Pull out every line from the listing that has the word "TANT".

▶ [SUPPLIED MATERIAL]

━━━━━━━━

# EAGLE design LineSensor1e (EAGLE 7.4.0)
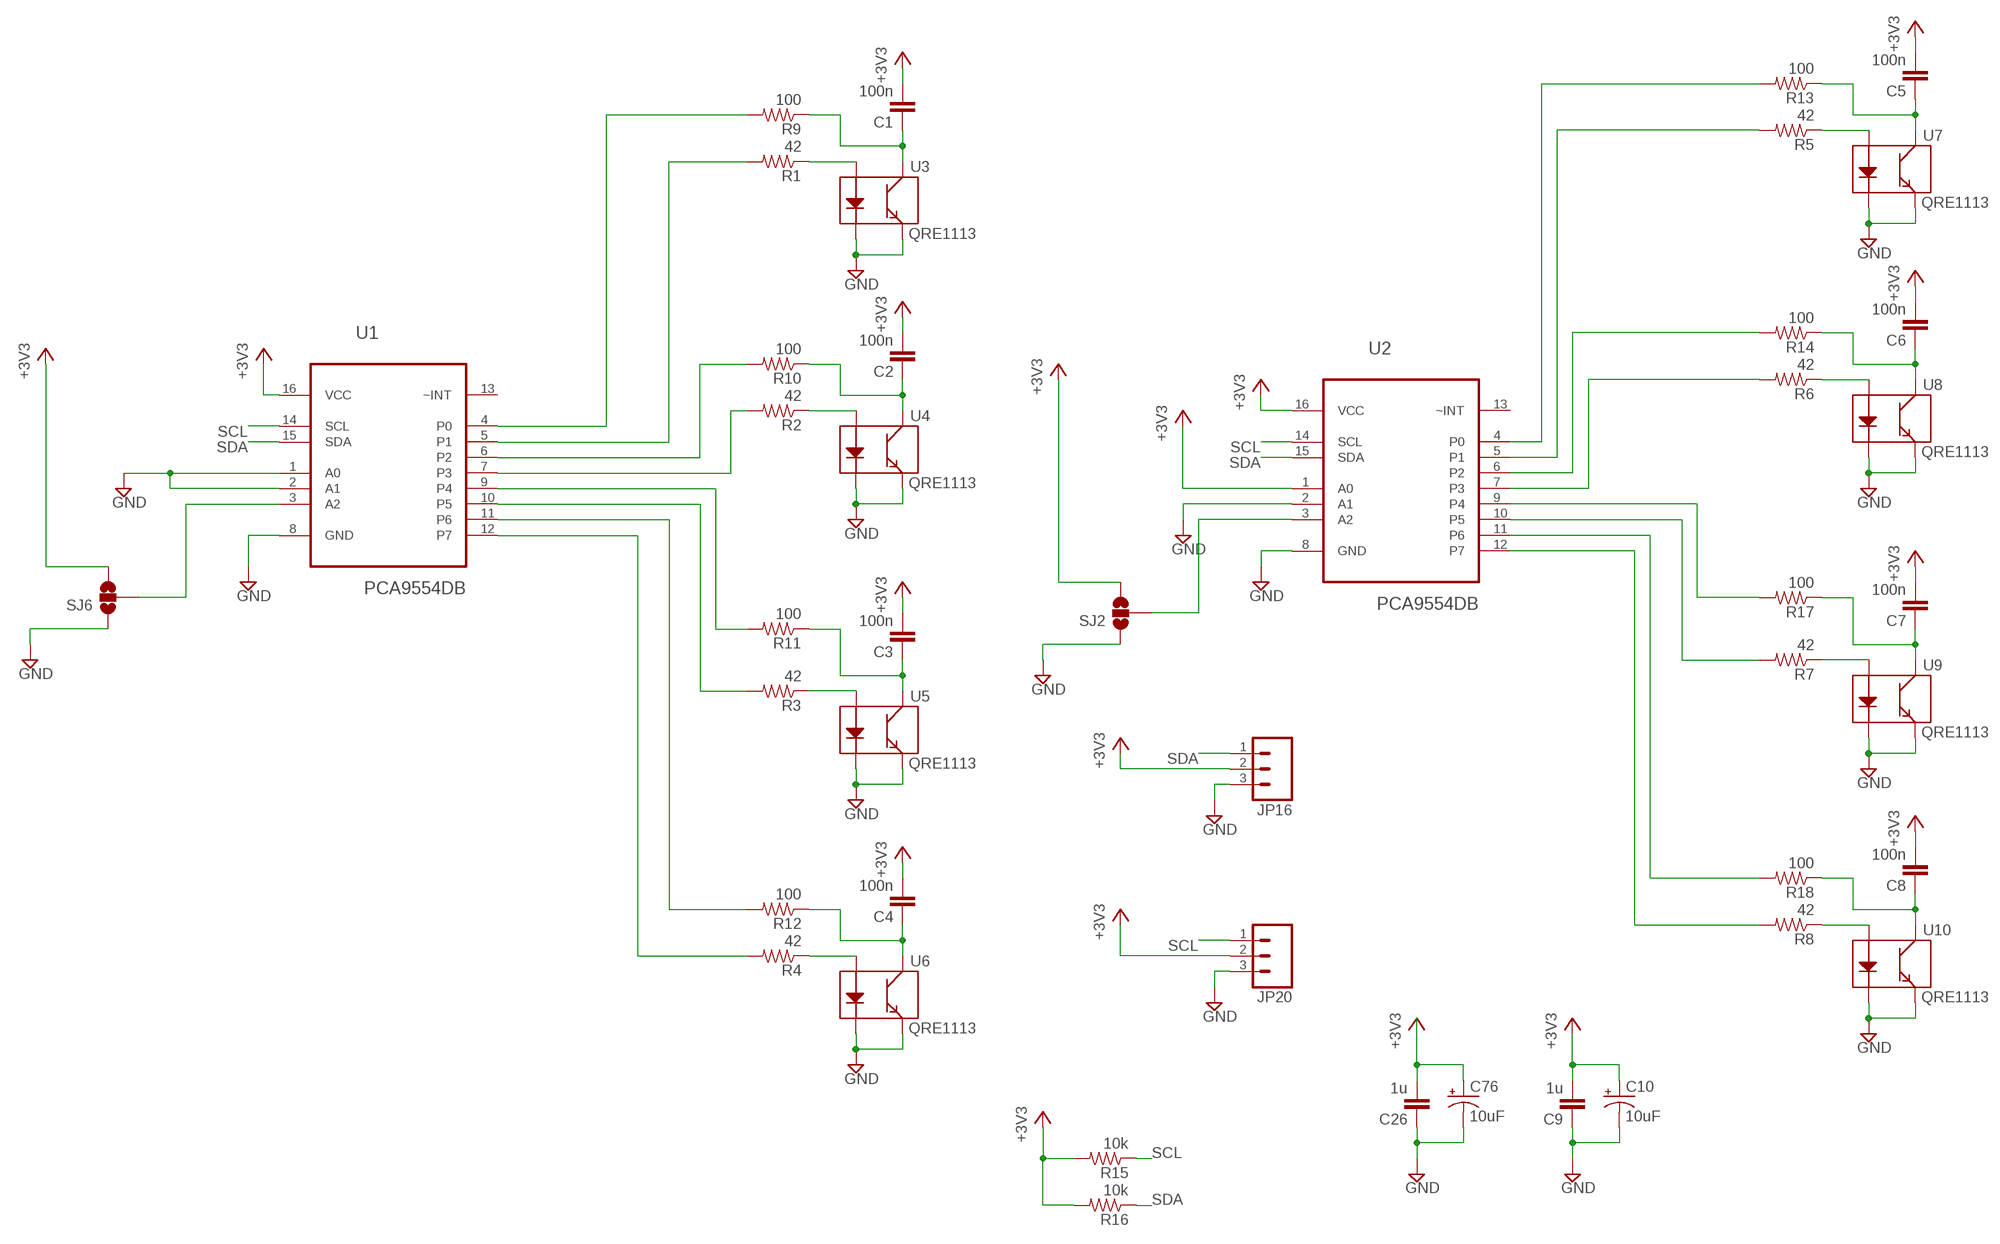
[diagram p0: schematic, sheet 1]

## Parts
C1  100n  C-EUC0805  [C0805]
C2  100n  C-EUC0805  [C0805]
C3  100n  C-EUC0805  [C0805]
C4  100n  C-EUC0805  [C0805]
C5  100n  C-EUC0805  [C0805]
C6  100n  C-EUC0805  [C0805]
C7  100n  C-EUC0805  [C0805]
C8  100n  C-EUC0805  [C0805]
C9  1u  C-EUC0805  [C0805]
C10  10uF  10UF-16V-10%(TANT)  [EIA3216]
C26  1u  C-EUC0805  [C0805]
C76  10uF  10UF-16V-10%(TANT)  [EIA3216]
JP16  M03PTH  [1X03]
JP20  M03PTH  [1X03]
R1  42  R-US_M0805  [M0805]
R2  42  R-US_M0805  [M0805]
R3  42  R-US_M0805  [M0805]
R4  42  R-US_M0805  [M0805]
R5  42  R-US_M0805  [M0805]
R6  42  R-US_M0805  [M0805]
R7  42  R-US_M0805  [M0805]
R8  42  R-US_M0805  [M0805]
R9  100  R-US_M0805  [M0805]
R10  100  R-US_M0805  [M0805]
R11  100  R-US_M0805  [M0805]
R12  100  R-US_M0805  [M0805]
R13  100  R-US_M0805  [M0805]
R14  100  R-US_M0805  [M0805]
R15  10k  R-US_M0805  [M0805]
R16  10k  R-US_M0805  [M0805]
R17  100  R-US_M0805  [M0805]
R18  100  R-US_M0805  [M0805]
SJ2  SOLDERJUMPER_2WAYPASTE1&2  [SJ_3_PASTE1&2]
SJ6  SOLDERJUMPER_2WAYPASTE1&2  [SJ_3_PASTE1&2]
U1  PCA9554DB  [SOP65P780X200-16N]
U2  PCA9554DB  [SOP65P780X200-16N]
U3  QRE1113  [QRE1113]
U4  QRE1113  [QRE1113]
U5  QRE1113  [QRE1113]
U6  QRE1113  [QRE1113]
U7  QRE1113  [QRE1113]
U8  QRE1113  [QRE1113]
U9  QRE1113  [QRE1113]
U10  QRE1113  [QRE1113]

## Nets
+3V3: C1.2 C2.2 C3.2 C4.2 C5.2 C6.2 C7.2 C8.2 C9.2 C10.A(+) C26.2 C76.A(+) JP16.2 JP20.2 R15.2 R16.2 SJ2.3 SJ6.3 U1.16(VCC) U2.1(A0) U2.16(VCC)
GND: C9.1 C10.C(-) C26.1 C76.C(-) JP16.3 JP20.3 SJ2.1 SJ6.1 U1.1(A0) U1.2(A1) U1.8(GND) U2.2(A1) U2.8(GND) U3.2(K) U3.4(E) U4.2(K) U4.4(E) U5.2(K) U5.4(E) U6.2(K) U6.4(E) U7.2(K) U7.4(E) U8.2(K) U8.4(E) U9.2(K) U9.4(E) U10.2(K) U10.4(E)
N$1: C1.1 R9.1 U3.3(C)
N$2: R1.1 U3.1(A)
N$3: R9.2 U1.4(P0)
N$4: R2.1 U4.1(A)
N$5: R3.1 U5.1(A)
N$6: C2.1 R10.1 U4.3(C)
N$7: R4.1 U6.1(A)
N$8: C3.1 R11.1 U5.3(C)
N$9: R5.1 U7.1(A)
N$10: C4.1 R12.1 U6.3(C)
N$11: R6.1 U8.1(A)
N$12: R1.2 U1.5(P1)
N$13: R7.1 U9.1(A)
N$14: R10.2 U1.6(P2)
N$15: R8.1 U10.1(A)
N$16: R2.2 U1.7(P3)
N$17: C5.1 R13.1 U7.3(C)
N$18: R11.2 U1.9(P4)
N$19: R3.2 U1.10(P5)
N$20: R12.2 U1.11(P6)
N$21: R4.2 U1.12(P7)
N$22: C6.1 R14.1 U8.3(C)
N$23: C7.1 R17.1 U9.3(C)
N$24: C8.1 R18.1 U10.3(C)
N$25: R13.2 U2.4(P0)
N$26: R5.2 U2.5(P1)
N$27: R14.2 U2.6(P2)
N$28: R6.2 U2.7(P3)
N$29: R17.2 U2.9(P4)
N$30: R7.2 U2.10(P5)
N$31: R18.2 U2.11(P6)
N$32: R8.2 U2.12(P7)
N$35: SJ2.2 U2.3(A2)
N$38: SJ6.2 U1.3(A2)
SCL: JP20.1 R15.1 U1.14(SCL) U2.14(SCL)
SDA: JP16.1 R16.1 U1.15(SDA) U2.15(SDA)
Unconnected: U1.13(~INT) U2.13(~INT)

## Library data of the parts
C1-C9 C26 = rcl:C-EU: CAPACITOR, European symbol
C10 C76 = SparkFun-Capacitors:10UF-16V-10%(TANT): CAP-00811; PROD_ID: CAP-00811
JP16 JP20 = SparkFun-Connectors:M03: Header 3 Standard 3-pin 0.1" header. Use with straight break away headers (SKU : PRT-00116), right angle break away headers (PRT-00553), swiss pins (PRT-00743), machine pins (PRT-00117), and female headers (PRT-00115). Molex polarized connector foot print use with SKU : PRT-08232 with associated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
R1-R18 = resistor:R-US_: RESISTOR, American symbol
SJ2 SJ6 = SparkFun-Passives:SOLDERJUMPER_2WAY: Solder Jumper 2 way solder jumper
U1 U2 = Texas Instruments_By_element14_Batch_1:PCA9554DB: REMOTE 8-BIT I2C AND SMBus I/O EXPANDER WITH INTERRUPT OUTPUT AND CONFIGURATION REGISTERS; MPN: PCA9554DB; OC_FARNELL: 1564918; OC_NEWARK: 06M7571; PACKAGE: SSOP-16; SUPPLIER: TEXAS INSTRUMENTS
U3-U10 = SparkFun:QRE1113

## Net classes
1 power: width 0.254 mm

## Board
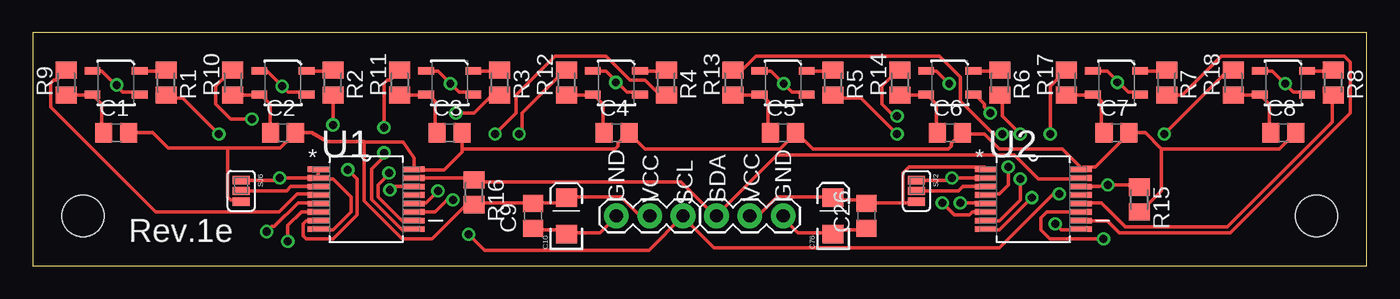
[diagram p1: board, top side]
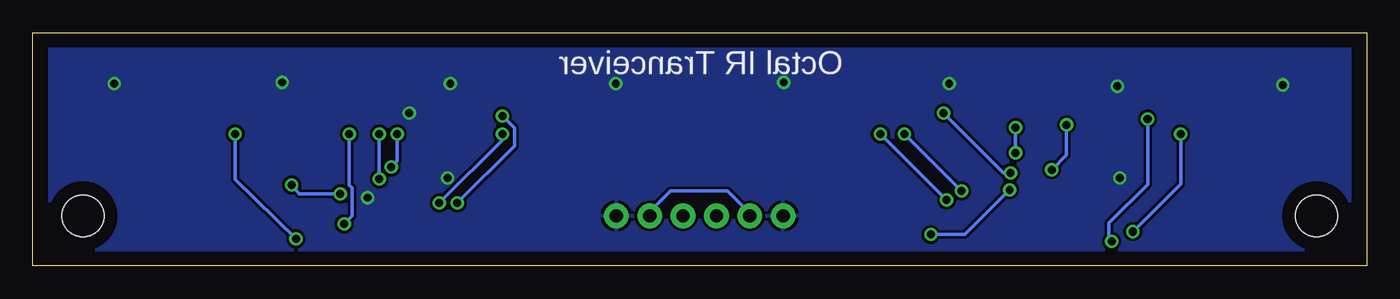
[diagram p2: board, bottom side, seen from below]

Size 101.6 x 17.78 mm. Coordinates in mm from the lower left corner, seen from the top.
Outline: 0,0 101.6,0 101.6,17.78 0,17.78 0,0
Copper layers (1*16): Top 0.035mm / dielectric 1.5mm / Bottom 0.035mm
Design rules "default": minimum track width 10mil, minimum drill 24mil, track to track 8mil, track to pad 8mil, pad to pad 8mil, via to via 8mil, smd to smd 8mil, copper to edge 40mil, drill to drill 8mil, minimum pad ring 10mil, minimum via ring 8mil, stop-mask expansion 4mil, vias tented up to drill 0mil, thermal gap 10mil
Holes 3.2 mm at 3.81,3.81 97.79,3.81

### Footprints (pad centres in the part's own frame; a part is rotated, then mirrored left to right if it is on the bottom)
C0805 = smd 1.3 x 1.5: 1 -0.95,0; 2 0.95,0
EIA3216 = smd 1.4 x 1.6: A 1.4,0; C -1.4,0
1X03 = drill 1.016 pad 1.88: 1 0,0; 2 2.54,0; 3 5.08,0
M0805 = smd 1.3 x 1.6: 1 -0.95,0; 2 0.95,0
SJ_3_PASTE1&2 = smd 0.635 x 1.27: 1 -0.813,0; 2 0,0; 3 0.813,0
SOP65P780X200-16N = smd 1.651 x 0.432: 1 -3.632,2.286; 2 -3.632,1.626; 3 -3.632,0.965; 4 -3.632,0.33; 5 -3.632,-0.33; 6 -3.632,-0.965; 7 -3.632,-1.626; 8 -3.632,-2.286; 9 3.632,-2.286; 10 3.632,-1.626; 11 3.632,-0.965; 12 3.632,-0.33; 13 3.632,0.33; 14 3.632,0.965; 15 3.632,1.626; 16 3.632,2.286
QRE1113 = smd 1.2 x 0.6: 1 -1.8,-0.9; 2 1.8,-0.9; 3 1.8,0.9; 4 -1.8,0.9

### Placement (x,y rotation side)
C1  6.35,10.16 0 top
C2  19.05,10.16 0 top
C3  31.75,10.16 0 top
C4  44.45,10.16 0 top
C5  57.15,10.16 0 top
C6  69.85,10.16 0 top
C7  82.55,10.16 0 top
C8  95.25,10.16 0 top
C9  38.1,3.81 90 top
C10  40.64,3.81 90 top
C26  63.5,3.81 90 top
C76  60.96,3.81 90 top
JP16  52.07,3.81 0 top
JP20  49.53,3.81 180 top
R1  10.16,13.97 270 top
R2  22.86,13.97 270 top
R3  35.56,13.97 270 top
R4  48.26,13.97 270 top
R5  60.96,13.97 270 top
R6  73.66,13.97 270 top
R7  86.36,13.97 270 top
R8  99.06,13.97 270 top
R9  2.54,13.97 90 top
R10  15.24,13.97 90 top
R11  27.94,13.97 90 top
R12  40.64,13.97 90 top
R13  53.34,13.97 90 top
R14  66.04,13.97 90 top
R15  84.29,5.05 270 top
R16  33.61,5.62 270 top
R17  78.74,13.97 90 top
R18  91.44,13.97 90 top
SJ2  67.31,5.71 270 top
SJ6  15.88,5.71 270 top
U1  25.4,5.08 0 top
U2  76.2,5.08 0 top
U3  6.35,13.97 180 top
U4  19.05,13.97 180 top
U5  31.75,13.97 180 top
U6  44.45,13.97 180 top
U7  57.15,13.97 180 top
U8  69.85,13.97 180 top
U9  82.55,13.97 180 top
U10  95.25,13.97 180 top

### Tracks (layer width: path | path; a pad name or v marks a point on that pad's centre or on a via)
+3V3
  Top 0.254: C1.2 9.14,10.16 10.3,9 14.86,9 | 14.86,9 18.84,9 C2.2 21.24,10.16 22.4,9.5 25.25,9.5 | 25.25,9.5 25.23,9.1 25.23,4.94 28.12,2.06 30.4,2.06 32.92,4.57 33.6,4.57 R16.2 33.83,4.8 37.95,4.8 C9.2 38.18,4.8 40.23,4.8 40.46,5.03 C10.A 40.69,5.26 44.81,5.26 46.18,3.89 46.86,3.89 JP20.2 | 85.97,8.93 84.74,10.16 C7.2 83.44,10.06 80.92,7.54 80.01,7.54 U2.16 79.78,7.54 78.41,8.91 73.61,8.91 72.47,10.06 70.87,10.06 C6.2 70.64,10.06 69.95,9.37 69.95,9.14 69.72,8.91 59.44,8.91 58.29,10.06 C5.2 58.06,10.06 56.92,8.91 46.63,8.91 45.49,10.06 C4.2 45.26,10.06 44.58,9.37 44.58,9.14 44.35,8.91 32.69,8.91 | 85.97,8.93 86,8.9 94.94,8.9 C8.2 | 66.29,4.8 63.55,4.8 C26.2 63.32,4.8 63.09,5.03 61.04,5.03 C76.A 60.81,5.26 56.69,5.26 55.32,3.89 54.63,3.89 JP16.2 | 66.29,4.8 67.21,4.8 SJ2.3 | 66.29,4.8 66.29,7.09 66.75,7.54 72.47,7.54 U2.1 | 14.86,9 14.86,5.26 15.09,5.03 15.77,5.03 SJ6.3 | R15.2 84.35,4.12 85.95,5.71 85.95,8.91 85.97,8.93 | 32.69,8.91 32.69,8.69 31.32,7.32 29.03,7.32 U1.16 29.03,8.23 28.22,9.44 25.25,9.44 25.25,9.5 | 32.69,8.91 32.69,10.06 C3.2
  Bottom 0.254: JP16.2 54.41,3.89 54.41,4.34 53.03,5.71 48.69,5.71 46.86,3.89 JP20.2
GND  (via drill 0.6, 0.61)
  Top 0.254: SJ6.1 18.63,6.53 v18.8,6.7 U1.2 | SJ2.1 69.83,6.53 v70,6.7 v70.01,6.71 U2.2 | C26.1 63.32,2.74 61.27,2.74 61.04,2.52 C76.C 60.81,2.52 58.29,2.52 57.15,3.66 JP16.3 | C9.1 38.18,2.74 40.23,2.74 40.46,2.52 C10.C 40.69,2.52 43.2,2.52 44.35,3.66 JP20.3 | U3.4 8,13.26 6.86,13.26 6.4,13.72 v6.4,13.8 6.17,13.95 5.26,14.86 4.57,14.86 U3.2 | U4.2 17.37,14.86 17.83,14.86 18.97,13.72 v19,13.7 19.2,13.49 19.43,13.26 20.8,13.26 U4.4 | U5.2 30.18,14.86 30.86,14.86 31.77,13.95 v31.8,13.9 32,13.72 32.46,13.26 33.38,13.26 U5.4 | U6.2 42.75,14.86 43.66,14.86 44.35,14.17 v44.4,14 44.58,13.95 45.26,13.26 46.18,13.26 U6.4 | U7.2 55.55,14.86 56.24,14.86 57.15,13.95 v57.2,13.9 57.38,13.72 57.84,13.26 58.75,13.26 U7.4 | U8.2 68.12,14.86 68.81,14.86 69.72,13.95 v69.8,13.9 | v72.92,11.66 72.47,12.12 72.47,12.34 71.78,13.03 U8.4 | U9.2 80.92,14.86 81.84,14.86 82.53,14.17 v82.6,14 82.75,13.95 83.44,13.26 84.12,13.26 U9.4 | U10.2 93.5,14.86 94.41,14.86 95.33,13.95 v95.4,13.9 95.56,13.72 96.01,13.26 96.93,13.26 U10.4 | U1.1 21.72,7.32 21.72,6.86 U1.2 | U2.8 72.69,2.74 73.61,2.74 75.89,5.03 v76.1,5.2 | U1.8 21.95,2.74 22.86,2.74 24.23,4.12 24.23,5.26 22.86,6.63 21.95,6.63 U1.2
  pour Bottom: 1.27,16.51 100.33,16.51 100.33,1.27 1.27,1.27
N$1
  Top 0.254: R9.1 2.74,13.03 4.34,13.03 U3.3 4.57,13.03 5.26,12.34 5.26,10.29 C1.1
N$2
  Top 0.254: U3.1 8.23,14.86 10.06,14.86 R1.1
N$3
  Top 0.254: R9.2 2.52,14.86 1.83,14.17 1.6,14.17 1.37,13.95 1.37,12.12 9.37,4.12 18.75,4.12 20.12,5.49 21.72,5.49 U1.4
N$4
  Top 0.254: U4.1 21.03,14.86 22.86,14.86 R2.1
N$5
  Top 0.254: U5.1 33.6,14.86 35.43,14.86 R3.1
N$6
  Top 0.254: R10.1 15.32,13.03 17.14,13.03 U4.3 17.37,13.03 18.06,12.34 18.06,10.29 C2.1
N$7
  Top 0.254: U6.1 46.41,14.86 48.23,14.86 R4.1
N$8
  Top 0.254: R11.1 28.12,13.03 29.95,13.03 U5.3 30.18,13.03 30.63,12.57 30.63,10.29 C3.1
N$9
  Top 0.254: U7.1 58.98,14.86 60.81,14.86 R5.1
N$10
  Top 0.254: R12.1 40.69,13.03 42.52,13.03 U6.3 42.75,13.03 43.43,12.34 43.43,10.29 C4.1
N$11
  Top 0.254: U8.1 71.78,14.86 73.61,14.86 R6.1
N$12  (via drill 0.61)
  Top 0.254: v14.17,10.06 11.43,12.8 10.29,12.8 R1.2 | U1.5 21.72,4.8 20.2,4.8 18.4,3 18.2,3 v17.82,2.62
  Bottom 0.254: v17.82,2.62 14.17,6.26 v14.17,10.06
N$13
  Top 0.254: U9.1 86.18,14.86 R7.1
N$14  (via drill 0.61)
  Top 0.254: v16.69,11.2 15.09,11.2 13.95,12.34 13.95,13.72 15.09,14.86 R10.2 | U1.6 20.46,4.12 19.42,3.07 v19.42,1.87
  Bottom 0.254: v16.69,11.2 16.69,6.21 19.62,3.28 19.62,2.08 v19.42,1.87
N$15
  Top 0.254: U10.1 97.16,14.86 98.98,14.86 R8.1
N$16  (via drill 0.61)
  Top 0.254: v22.86,10.76 R2.2 | 21.95,3.43 U1.7 21.72,3.43 20.8,3.43 20.57,3.2 20.57,2.29 20.8,2.06 22.86,2.06 24.69,3.89 24.69,6.63 v23.99,7.33
  Bottom 0.254: v22.86,10.76 22.86,8.46 v23.99,7.33
N$17
  Top 0.254: R13.1 53.49,13.03 55.32,13.03 U7.3 55.55,13.03 56.01,12.57 56.01,10.29 C5.1
N$18  (via drill 0.61)
  Top 0.254: v26.75,10.56 26.75,13.95 26.98,14.17 27.2,14.17 27.89,14.86 R11.2 | U1.9 29.03,2.74 28.12,2.74 25.8,5.06 25.8,7.4 26.63,8.23 v26.75,8.63
  Bottom 0.254: v26.75,8.63 v26.75,10.56
N$19  (via drill 0.61)
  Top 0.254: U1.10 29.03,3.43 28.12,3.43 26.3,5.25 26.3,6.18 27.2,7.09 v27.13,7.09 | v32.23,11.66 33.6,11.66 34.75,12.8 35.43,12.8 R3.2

━━━━━━━━

▶ [EXPECTED ANSWER]
C10  10uF  10UF-16V-10%(TANT)  [EIA3216]
C76  10uF  10UF-16V-10%(TANT)  [EIA3216]
C10 C76 = SparkFun-Capacitors:10UF-16V-10%(TANT): CAP-00811; PROD_ID: CAP-00811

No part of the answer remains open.